# Anyone ever notice?



## Antimatter (Feb 16, 2008)

The Seaview control room shows the ladder going to the sail is BEHIND the periscope. Up top the periscope is behind the hatch in the sail. Funny they didn't notice this when building the sets.


----------



## RSN (Jul 29, 2008)

Antimatter said:


> The Seaview control room shows the ladder going to the sail is BEHIND the periscope. Up top the periscope is behind the hatch in the sail. Funny they didn't notice this when building the sets.
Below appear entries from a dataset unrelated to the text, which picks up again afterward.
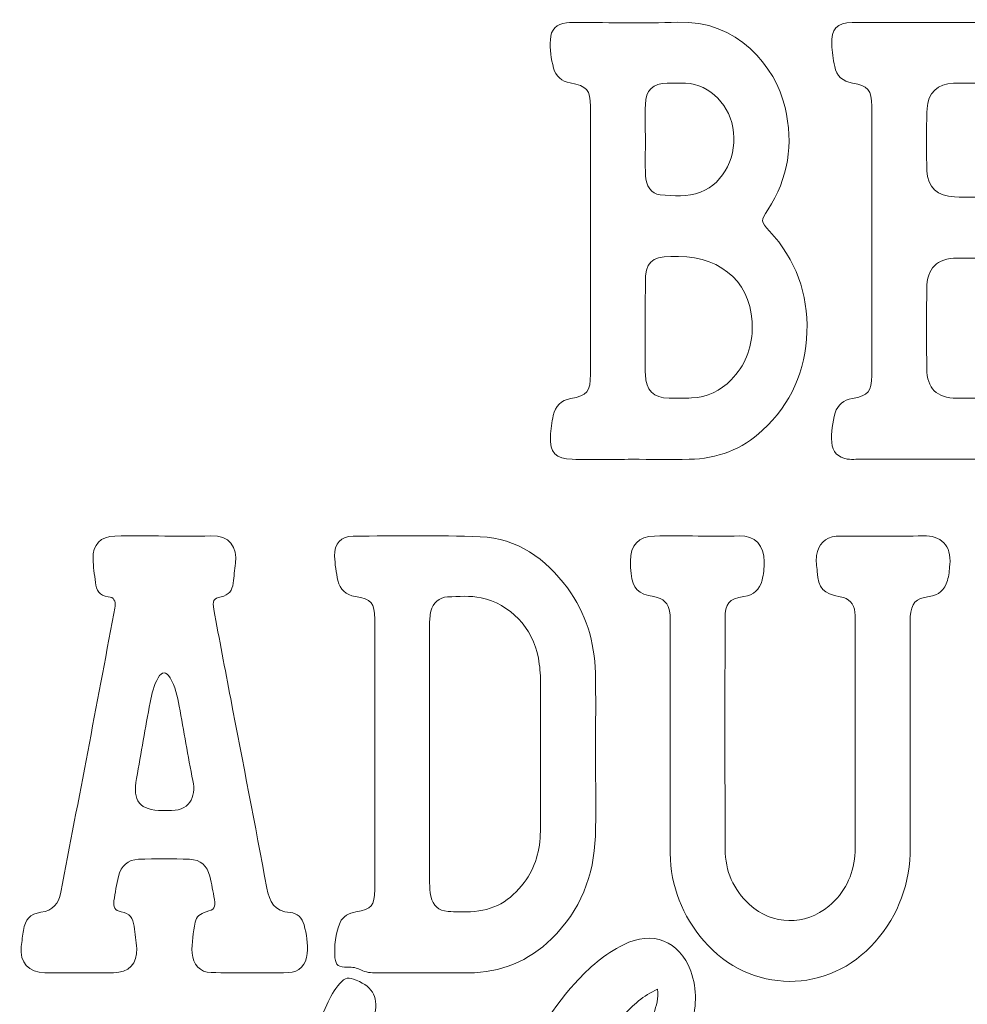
# Model space of a CAD drawing. Header units: inches. Extents: x 0.32 to 8.75, y -8.01 to -0.86.
# Tile 3 of 6: x 0.32 to 2.85, y -3.51 to -0.88. Entities that reach past the tile are written whole.
import ezdxf

# ---------------------------------------------------------------- set-up
doc = ezdxf.new("R2010")
doc.units = ezdxf.units.IN
doc.header["$MEASUREMENT"] = 0
doc.layers.add('Layer 1', color=7, linetype='Continuous')

# ---------------------------------------------------------------- blocks, each defined once
blk = doc.blocks.new('block 3')
at = {"layer": 'Layer 1', "lineweight": 0}
for points, knots in [([(2.0453, -4.7095), (2.0188, -4.7287), (1.9978, -4.7451), (1.9758, -4.7598), (1.9149, -4.8002), (1.8529, -4.7849), (1.816, -4.7213), (1.796, -4.6868), (1.7906, -4.6484), (1.7858, -4.6098), (1.7826, -4.5835), (1.7797, -4.5571), (1.7765, -4.5291), (1.7566, -4.5313), (1.7446, -4.5449), (1.7321, -4.5566), (1.6995, -4.5871), (1.6723, -4.6223), (1.6458, -4.6579), (1.6053, -4.7122), (1.5669, -4.7679), (1.5311, -4.8254), (1.5182, -4.8462), (1.5038, -4.8658), (1.4862, -4.883), (1.4668, -4.9022), (1.4442, -4.907), (1.4189, -4.8992), (1.3803, -4.8873), (1.353, -4.864), (1.3419, -4.8236), (1.34, -4.8168), (1.3422, -4.8085), (1.334, -4.8007), (1.3022, -4.8601), (1.2704, -4.9182), (1.2398, -4.977), (1.2188, -5.0174), (1.1971, -5.0573), (1.1707, -5.0944), (1.1527, -5.1199), (1.1324, -5.1433), (1.1087, -5.1637), (1.0714, -5.1957), (1.0292, -5.2055), (0.9816, -5.1949), (0.9612, -5.1904), (0.9495, -5.1759), (0.9387, -5.1604), (0.9161, -5.1282), (0.9025, -5.0918), (0.8939, -5.0537), (0.8808, -4.9951), (0.8754, -4.9354), (0.8733, -4.8755), (0.868, -4.7229), (0.8862, -4.5722), (0.9093, -4.4217), (0.9295, -4.2902), (0.9504, -4.1589), (0.9793, -4.029), (0.9866, -3.9966), (0.9946, -3.9643), (1.0022, -3.932), (1.0037, -3.9256), (1.0057, -3.9191), (1.0063, -3.9126), (1.0086, -3.8866), (1.0018, -3.8774), (0.9763, -3.8753), (0.9564, -3.8737), (0.9363, -3.8743), (0.9164, -3.8743), (0.8565, -3.8743), (0.7968, -3.8812), (0.7368, -3.88), (0.7198, -3.8797), (0.7036, -3.8773), (0.6878, -3.872), (0.6461, -3.8578), (0.6279, -3.8065), (0.6502, -3.7685), (0.6575, -3.7563), (0.6685, -3.7533), (0.6811, -3.7527), (0.7232, -3.7508), (0.7654, -3.7485), (0.8075, -3.7475), (0.8685, -3.746), (0.9296, -3.7458), (0.9906, -3.7444), (1.045, -3.7431), (1.0626, -3.7293), (1.0792, -3.6768), (1.0968, -3.6208), (1.1149, -3.565), (1.1395, -3.5116), (1.1488, -3.4914), (1.1585, -3.4714), (1.1739, -3.4549), (1.1892, -3.4385), (1.1968, -3.4371), (1.2179, -3.4458), (1.265, -3.4652), (1.279, -3.4939), (1.2655, -3.5435), (1.2569, -3.5746), (1.2418, -3.6032), (1.2298, -3.6329), (1.2232, -3.6493), (1.2164, -3.6658), (1.2117, -3.6828), (1.2044, -3.7092), (1.2122, -3.7226), (1.2385, -3.7295), (1.2491, -3.7323), (1.2604, -3.7335), (1.2714, -3.7334), (1.3702, -3.7324), (1.4689, -3.7353), (1.5676, -3.7404), (1.5731, -3.7407), (1.5788, -3.7399), (1.5842, -3.7409), (1.6263, -3.7488), (1.6196, -3.7453), (1.6358, -3.7127), (1.682, -3.62), (1.7339, -3.5312), (1.8035, -3.4537), (1.8408, -3.4121), (1.8828, -3.3761), (1.9331, -3.351), (2.0107, -3.3122), (2.0822, -3.3403), (2.1129, -3.4216), (2.1317, -3.4715), (2.1269, -3.5218), (2.1142, -3.5721), (2.0978, -3.637), (2.0675, -3.6964), (2.0394, -3.7565), (1.949, -3.9495), (1.8351, -4.1274), (1.6968, -4.2896), (1.6708, -4.32), (1.643, -4.3489), (1.6093, -4.371), (1.5713, -4.3961), (1.5468, -4.4309), (1.5369, -4.4748), (1.5266, -4.5201), (1.5143, -4.5651), (1.5087, -4.6114), (1.5079, -4.6176), (1.5059, -4.6245), (1.5137, -4.6307), (1.5213, -4.6271), (1.5257, -4.6195), (1.5311, -4.6132), (1.5716, -4.566), (1.612, -4.5187), (1.6524, -4.4715), (1.6713, -4.4495), (1.6923, -4.4298), (1.7172, -4.4147), (1.7499, -4.3948), (1.7822, -4.396), (1.8143, -4.4162), (1.8699, -4.4509), (1.8885, -4.5046), (1.8914, -4.5663), (1.8929, -4.6007), (1.8971, -4.6344), (1.911, -4.6661), (1.9226, -4.6672), (1.928, -4.6593), (1.9347, -4.6543), (1.9723, -4.6264), (2.0055, -4.5938), (2.0355, -4.5578), (2.0627, -4.5253), (2.0843, -4.4902), (2.0968, -4.4488), (2.1212, -4.3687), (2.1602, -4.2952), (2.2057, -4.2252), (2.2245, -4.1963), (2.2461, -4.1695), (2.273, -4.1475), (2.2877, -4.1355), (2.3033, -4.1253), (2.3211, -4.1182), (2.3766, -4.0958), (2.4264, -4.1085), (2.4636, -4.155), (2.4997, -4.2), (2.5066, -4.2528), (2.4964, -4.3064), (2.4758, -4.4158), (2.4246, -4.5086), (2.3352, -4.5776), (2.2979, -4.6065), (2.2568, -4.6278), (2.209, -4.633), (2.1895, -4.6351), (2.1796, -4.6457), (2.176, -4.6644), (2.1633, -4.7301), (2.1563, -4.7959), (2.1733, -4.862), (2.1836, -4.9017), (2.2005, -4.911), (2.2389, -4.8972), (2.2718, -4.8854), (2.3001, -4.8654), (2.3255, -4.8422), (2.4608, -4.7185), (2.5759, -4.5786), (2.6638, -4.4171), (2.6694, -4.4068), (2.6743, -4.397), (2.6878, -4.3983), (2.7031, -4.3998), (2.7154, -4.4076), (2.723, -4.4207), (2.7286, -4.4303), (2.7297, -4.4412), (2.7276, -4.4528), (2.7239, -4.4728), (2.7166, -4.4913), (2.7067, -4.5087), (2.6238, -4.6548), (2.5318, -4.7945), (2.413, -4.9146), (2.3832, -4.9446), (2.3498, -4.9703), (2.3126, -4.9908), (2.2602, -5.0198), (2.2062, -5.0162), (2.1514, -4.9999), (2.1384, -4.996), (2.1285, -4.9868), (2.119, -4.9773), (2.0789, -4.9372), (2.0599, -4.8876), (2.0515, -4.8323), (2.0456, -4.793), (2.0445, -4.7537), (2.0453, -4.7095)], [0, 0, 0, 0, 1, 1, 1, 2, 2, 2, 3, 3, 3, 4, 4, 4, 5, 5, 5, 6, 6, 6, 7, 7, 7, 8, 8, 8, 9, 9, 9, 10, 10, 10, 11, 11, 11, 12, 12, 12, 13, 13, 13, 14, 14, 14, 15, 15, 15, 16, 16, 16, 17, 17, 17, 18, 18, 18, 19, 19, 19, 20, 20, 20, 21, 21, 21, 22, 22, 22, 23, 23, 23, 24, 24, 24, 25, 25, 25, 26, 26, 26, 27, 27, 27, 28, 28, 28, 29, 29, 29, 30, 30, 30, 31, 31, 31, 32, 32, 32, 33, 33, 33, 34, 34, 34, 35, 35, 35, 36, 36, 36, 37, 37, 37, 38, 38, 38, 39, 39, 39, 40, 40, 40, 41, 41, 41, 42, 42, 42, 43, 43, 43, 44, 44, 44, 45, 45, 45, 46, 46, 46, 47, 47, 47, 48, 48, 48, 49, 49, 49, 50, 50, 50, 51, 51, 51, 52, 52, 52, 53, 53, 53, 54, 54, 54, 55, 55, 55, 56, 56, 56, 57, 57, 57, 58, 58, 58, 59, 59, 59, 60, 60, 60, 61, 61, 61, 62, 62, 62, 63, 63, 63, 64, 64, 64, 65, 65, 65, 66, 66, 66, 67, 67, 67, 68, 68, 68, 69, 69, 69, 70, 70, 70, 71, 71, 71, 72, 72, 72, 73, 73, 73, 74, 74, 74, 75, 75, 75, 76, 76, 76, 77, 77, 77, 78, 78, 78, 79, 79, 79, 80, 80, 80, 81, 81, 81, 82, 82, 82, 83, 83, 83, 83]), ([(1.627, -4.1702), (1.6465, -4.1556), (1.66, -4.1395), (1.6737, -4.1237), (1.7662, -4.0166), (1.8407, -3.8973), (1.9081, -3.7735), (1.9499, -3.6966), (1.9892, -3.6185), (2.0143, -3.5341), (2.0201, -3.5144), (2.0283, -3.4948), (2.0241, -3.4699), (1.9861, -3.487), (1.9579, -3.5131), (1.9317, -3.5415), (1.8743, -3.6039), (1.8298, -3.6752), (1.7886, -3.749), (1.7804, -3.7637), (1.7804, -3.7722), (1.7927, -3.7852), (1.8112, -3.8046), (1.8116, -3.8304), (1.8006, -3.8535), (1.7897, -3.8766), (1.7682, -3.8822), (1.7442, -3.876), (1.7271, -3.8716), (1.7237, -3.8837), (1.7188, -3.8951), (1.6939, -3.9531), (1.672, -4.0123), (1.6533, -4.0726), (1.6436, -4.1038), (1.633, -4.1349), (1.627, -4.1702)], [0, 0, 0, 0, 1, 1, 1, 2, 2, 2, 3, 3, 3, 4, 4, 4, 5, 5, 5, 6, 6, 6, 7, 7, 7, 8, 8, 8, 9, 9, 9, 10, 10, 10, 11, 11, 11, 12, 12, 12, 12]), ([(1.0243, -5.1005), (1.0584, -5.0649), (1.0817, -5.0285), (1.1048, -4.9921), (1.1993, -4.843), (1.2825, -4.6876), (1.366, -4.5323), (1.3751, -4.5155), (1.3811, -4.4981), (1.3852, -4.4796), (1.4297, -4.2803), (1.4847, -4.0842), (1.5574, -3.8933), (1.5611, -3.8835), (1.5693, -3.8739), (1.5646, -3.8618), (1.5624, -3.8613), (1.5603, -3.8602), (1.5582, -3.8602), (1.4372, -3.8599), (1.3162, -3.8598), (1.1952, -3.8592), (1.1745, -3.8591), (1.1615, -3.8693), (1.1534, -3.8864), (1.1477, -3.8983), (1.1439, -3.9112), (1.1406, -3.924), (1.0941, -4.1044), (1.0554, -4.2863), (1.0311, -4.4713), (1.0105, -4.6277), (0.998, -4.7846), (0.999, -4.9424), (0.9994, -4.9945), (1.0063, -5.0456), (1.0243, -5.1005)], [0, 0, 0, 0, 1, 1, 1, 2, 2, 2, 3, 3, 3, 4, 4, 4, 5, 5, 5, 6, 6, 6, 7, 7, 7, 8, 8, 8, 9, 9, 9, 10, 10, 10, 11, 11, 11, 12, 12, 12, 12]), ([(2.3973, -4.2328), (2.3772, -4.2346), (2.3681, -4.2452), (2.3585, -4.2534), (2.3009, -4.3027), (2.264, -4.3665), (2.2346, -4.4351), (2.2281, -4.4504), (2.226, -4.4677), (2.2412, -4.4809), (2.2532, -4.4914), (2.2631, -4.4902), (2.2856, -4.4736), (2.3654, -4.4146), (2.3889, -4.3295), (2.3973, -4.2328)], [0, 0, 0, 0, 1, 1, 1, 2, 2, 2, 3, 3, 3, 4, 4, 4, 5, 5, 5, 5])]:
    blk.add_open_spline(points, degree=3, knots=knots, dxfattribs=at)
blk = doc.blocks.new('block 5')
at = {"layer": 'Layer 1', "lineweight": 0}
for points, knots in [([(1.9557, -2.0529), (1.9024, -2.053), (1.8492, -2.0533), (1.7959, -2.0529), (1.7522, -2.0525), (1.7348, -2.0343), (1.7374, -1.9915), (1.7386, -1.9728), (1.7412, -1.9539), (1.7449, -1.9355), (1.75, -1.9102), (1.7657, -1.8954), (1.7918, -1.8905), (1.8362, -1.8821), (1.8445, -1.8714), (1.8446, -1.8256), (1.8447, -1.5869), (1.8447, -1.3482), (1.8445, -1.1095), (1.8445, -1.0649), (1.8353, -1.0545), (1.7905, -1.0464), (1.7673, -1.0421), (1.7522, -1.0285), (1.7461, -1.0066), (1.7391, -0.9819), (1.7361, -0.9564), (1.7373, -0.9308), (1.7385, -0.9035), (1.7537, -0.8881), (1.7807, -0.8853), (1.7906, -0.8843), (1.8006, -0.8847), (1.8106, -0.8847), (1.8994, -0.8846), (1.9883, -0.8877), (2.0769, -0.884), (2.2373, -0.8772), (2.3401, -1.0026), (2.3654, -1.112), (2.3881, -1.2099), (2.3743, -1.3012), (2.319, -1.3857), (2.2996, -1.4154), (2.2992, -1.4157), (2.3236, -1.4423), (2.3938, -1.5189), (2.4272, -1.6098), (2.4238, -1.7127), (2.4204, -1.8157), (2.3814, -1.9047), (2.3051, -1.9753), (2.25, -2.0264), (2.1839, -2.0518), (2.1088, -2.0528), (2.0578, -2.0534), (2.0067, -2.0529), (1.9557, -2.0529)], [0, 0, 0, 0, 1, 1, 1, 2, 2, 2, 3, 3, 3, 4, 4, 4, 5, 5, 5, 6, 6, 6, 7, 7, 7, 8, 8, 8, 9, 9, 9, 10, 10, 10, 11, 11, 11, 12, 12, 12, 13, 13, 13, 14, 14, 14, 15, 15, 15, 16, 16, 16, 17, 17, 17, 18, 18, 18, 19, 19, 19, 19]), ([(1.9915, -1.1976), (1.9915, -1.1976), (1.9916, -1.1976), (1.9916, -1.1976), (1.9916, -1.2298), (1.9908, -1.262), (1.9919, -1.2941), (1.9928, -1.3215), (2.0078, -1.3431), (2.0308, -1.3452), (2.067, -1.3486), (2.1041, -1.3523), (2.1393, -1.3384), (2.2029, -1.3134), (2.2393, -1.2399), (2.2255, -1.1651), (2.2127, -1.0962), (2.1539, -1.0431), (2.0861, -1.0467), (2.0739, -1.0473), (2.0617, -1.0465), (2.0495, -1.0468), (2.0114, -1.0478), (1.9926, -1.066), (1.9916, -1.1043), (1.9909, -1.1354), (1.9915, -1.1665), (1.9915, -1.1976)], [0, 0, 0, 0, 1, 1, 1, 2, 2, 2, 3, 3, 3, 4, 4, 4, 5, 5, 5, 6, 6, 6, 7, 7, 7, 8, 8, 8, 9, 9, 9, 9]), ([(2.08, -1.5104), (2.0734, -1.5104), (2.0667, -1.5104), (2.0601, -1.5104), (2.0072, -1.5109), (1.9916, -1.5267), (1.9915, -1.5804), (1.9913, -1.6457), (1.9914, -1.7111), (1.9914, -1.7765), (1.9914, -1.7931), (1.991, -1.8097), (1.9916, -1.8263), (1.993, -1.8691), (2.0124, -1.8883), (2.0555, -1.8894), (2.0754, -1.8899), (2.0954, -1.8897), (2.1153, -1.8889), (2.1572, -1.8873), (2.1921, -1.8697), (2.2211, -1.8402), (2.2578, -1.803), (2.2759, -1.7574), (2.2773, -1.7057), (2.2807, -1.5888), (2.2011, -1.5105), (2.08, -1.5104)], [0, 0, 0, 0, 1, 1, 1, 2, 2, 2, 3, 3, 3, 4, 4, 4, 5, 5, 5, 6, 6, 6, 7, 7, 7, 8, 8, 8, 9, 9, 9, 9])]:
    blk.add_open_spline(points, degree=3, knots=knots, dxfattribs=at)
blk = doc.blocks.new('block 8')
at = {"layer": 'Layer 1', "lineweight": 0}
for points, knots in [([(1.8581, -2.8407), (1.8581, -2.914), (1.8601, -2.9874), (1.8577, -3.0607), (1.8542, -3.1668), (1.8176, -3.2601), (1.7405, -3.3352), (1.6789, -3.3952), (1.6049, -3.426), (1.5186, -3.4262), (1.4365, -3.4264), (1.3543, -3.4261), (1.2722, -3.4265), (1.2575, -3.4265), (1.2436, -3.4252), (1.2303, -3.4182), (1.2194, -3.4125), (1.2073, -3.4108), (1.195, -3.4109), (1.1714, -3.4112), (1.1629, -3.4069), (1.1611, -3.3863), (1.1583, -3.3541), (1.1621, -3.3218), (1.1749, -3.2919), (1.1823, -3.2743), (1.1984, -3.2669), (1.2172, -3.2635), (1.2594, -3.2559), (1.2672, -3.2467), (1.2673, -3.2038), (1.2675, -2.9627), (1.2675, -2.7216), (1.2673, -2.4805), (1.2672, -2.436), (1.2595, -2.4275), (1.215, -2.4198), (1.1902, -2.4155), (1.1746, -2.4006), (1.1691, -2.3773), (1.164, -2.3559), (1.161, -2.3336), (1.1601, -2.3115), (1.1587, -2.2785), (1.177, -2.2586), (1.2101, -2.2584), (1.3234, -2.2579), (1.4367, -2.2553), (1.5498, -2.2601), (1.6494, -2.2644), (1.7249, -2.3183), (1.7828, -2.397), (1.8323, -2.4642), (1.856, -2.5411), (1.8578, -2.6241), (1.8594, -2.6963), (1.8581, -2.7685), (1.8581, -2.8407)], [0, 0, 0, 0, 1, 1, 1, 2, 2, 2, 3, 3, 3, 4, 4, 4, 5, 5, 5, 6, 6, 6, 7, 7, 7, 8, 8, 8, 9, 9, 9, 10, 10, 10, 11, 11, 11, 12, 12, 12, 13, 13, 13, 14, 14, 14, 15, 15, 15, 16, 16, 16, 17, 17, 17, 18, 18, 18, 19, 19, 19, 19]), ([(1.7107, -2.8444), (1.7107, -2.7789), (1.7104, -2.7134), (1.7109, -2.6479), (1.7111, -2.6266), (1.709, -2.6057), (1.7052, -2.585), (1.6901, -2.5038), (1.629, -2.4391), (1.552, -2.4233), (1.5224, -2.4172), (1.4922, -2.4193), (1.4624, -2.4209), (1.4393, -2.4222), (1.424, -2.4362), (1.4179, -2.4593), (1.4147, -2.4713), (1.4143, -2.4834), (1.4143, -2.4956), (1.4144, -2.7255), (1.4144, -2.9554), (1.4144, -3.1853), (1.4144, -3.1975), (1.4143, -3.2096), (1.4175, -3.2216), (1.4245, -3.2475), (1.4372, -3.26), (1.4636, -3.262), (1.4834, -3.2636), (1.5035, -3.2632), (1.5235, -3.2627), (1.5844, -3.2611), (1.6314, -3.2331), (1.6671, -3.1849), (1.6973, -3.1442), (1.7101, -3.0977), (1.7106, -3.0477), (1.7111, -2.9799), (1.7107, -2.9122), (1.7107, -2.8444)], [0, 0, 0, 0, 1, 1, 1, 2, 2, 2, 3, 3, 3, 4, 4, 4, 5, 5, 5, 6, 6, 6, 7, 7, 7, 8, 8, 8, 9, 9, 9, 10, 10, 10, 11, 11, 11, 12, 12, 12, 13, 13, 13, 13])]:
    blk.add_open_spline(points, degree=3, knots=knots, dxfattribs=at)
blk = doc.blocks.new('block 10')
at = {"layer": 'Layer 1', "lineweight": 0}
for points, knots in [([(0.7055, -2.258), (0.7466, -2.258), (0.7877, -2.2594), (0.8287, -2.2576), (0.8801, -2.2554), (0.8997, -2.2884), (0.8948, -2.331), (0.8928, -2.3487), (0.8908, -2.3663), (0.8886, -2.3839), (0.8862, -2.4034), (0.8775, -2.416), (0.8564, -2.4206), (0.8358, -2.4251), (0.8328, -2.4316), (0.837, -2.4545), (0.8517, -2.5341), (0.8668, -2.6136), (0.882, -2.6931), (0.9144, -2.8619), (0.9473, -3.0306), (0.9789, -3.1995), (0.9858, -3.2361), (0.9993, -3.2622), (1.041, -3.2649), (1.0608, -3.2662), (1.0735, -3.2798), (1.0784, -3.2982), (1.0849, -3.3229), (1.0888, -3.3483), (1.0868, -3.3741), (1.0846, -3.4042), (1.0661, -3.4249), (1.0361, -3.4256), (0.9673, -3.427), (0.8984, -3.427), (0.8296, -3.4255), (0.7998, -3.4249), (0.7814, -3.4038), (0.779, -3.3737), (0.7767, -3.3458), (0.7829, -3.3184), (0.7872, -3.2911), (0.7897, -3.2754), (0.8011, -3.2676), (0.8166, -3.2631), (0.8385, -3.2569), (0.8416, -3.2514), (0.8383, -3.23), (0.8351, -3.2092), (0.831, -3.1885), (0.8261, -3.168), (0.8194, -3.1397), (0.8017, -3.1236), (0.7722, -3.1226), (0.7267, -3.1211), (0.6811, -3.1211), (0.6357, -3.1226), (0.6063, -3.1237), (0.5886, -3.1399), (0.5818, -3.1685), (0.5766, -3.1901), (0.5733, -3.2121), (0.5698, -3.234), (0.5674, -3.249), (0.572, -3.2604), (0.5891, -3.2628), (0.6117, -3.2659), (0.6207, -3.2811), (0.6235, -3.3016), (0.6262, -3.3214), (0.6294, -3.3412), (0.6305, -3.3611), (0.6326, -3.4015), (0.6095, -3.4257), (0.5681, -3.4261), (0.5071, -3.4267), (0.446, -3.4267), (0.385, -3.4261), (0.3409, -3.4257), (0.3175, -3.399), (0.3219, -3.3555), (0.3234, -3.3411), (0.3252, -3.3268), (0.3276, -3.3126), (0.3326, -3.2828), (0.3447, -3.2684), (0.3741, -3.2642), (0.4065, -3.2595), (0.4222, -3.2418), (0.428, -3.2106), (0.4514, -3.0852), (0.4758, -2.9601), (0.4996, -2.8348), (0.523, -2.7117), (0.5462, -2.5886), (0.5694, -2.4655), (0.5706, -2.459), (0.5721, -2.4524), (0.5728, -2.4458), (0.5744, -2.4317), (0.5695, -2.4216), (0.554, -2.4203), (0.5303, -2.4182), (0.5224, -2.4027), (0.5202, -2.382), (0.5178, -2.3611), (0.5141, -2.3402), (0.5138, -2.3192), (0.5131, -2.2802), (0.5336, -2.259), (0.5723, -2.2582), (0.6167, -2.2574), (0.6611, -2.258), (0.7055, -2.258)], [0, 0, 0, 0, 1, 1, 1, 2, 2, 2, 3, 3, 3, 4, 4, 4, 5, 5, 5, 6, 6, 6, 7, 7, 7, 8, 8, 8, 9, 9, 9, 10, 10, 10, 11, 11, 11, 12, 12, 12, 13, 13, 13, 14, 14, 14, 15, 15, 15, 16, 16, 16, 17, 17, 17, 18, 18, 18, 19, 19, 19, 20, 20, 20, 21, 21, 21, 22, 22, 22, 23, 23, 23, 24, 24, 24, 25, 25, 25, 26, 26, 26, 27, 27, 27, 28, 28, 28, 29, 29, 29, 30, 30, 30, 31, 31, 31, 32, 32, 32, 33, 33, 33, 34, 34, 34, 35, 35, 35, 36, 36, 36, 37, 37, 37, 38, 38, 38, 38]), ([(0.7034, -2.992), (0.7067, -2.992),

Ever notice that no matter which version of the Seaview you look at, that ladder and periscope inside either control room are nowhere near the sail!!


----------



## djnick66 (May 2, 2008)

This was talked about before. It seems like the periscope the captain looks through on the control deck is a remote control device for the actual periscope tubes. They do not line up.


----------



## RSN (Jul 29, 2008)

djnick66 said:


> This was talked about before. It seems like the periscope the captain looks through on the control deck is a remote control device for the actual periscope tubes. They do not line up.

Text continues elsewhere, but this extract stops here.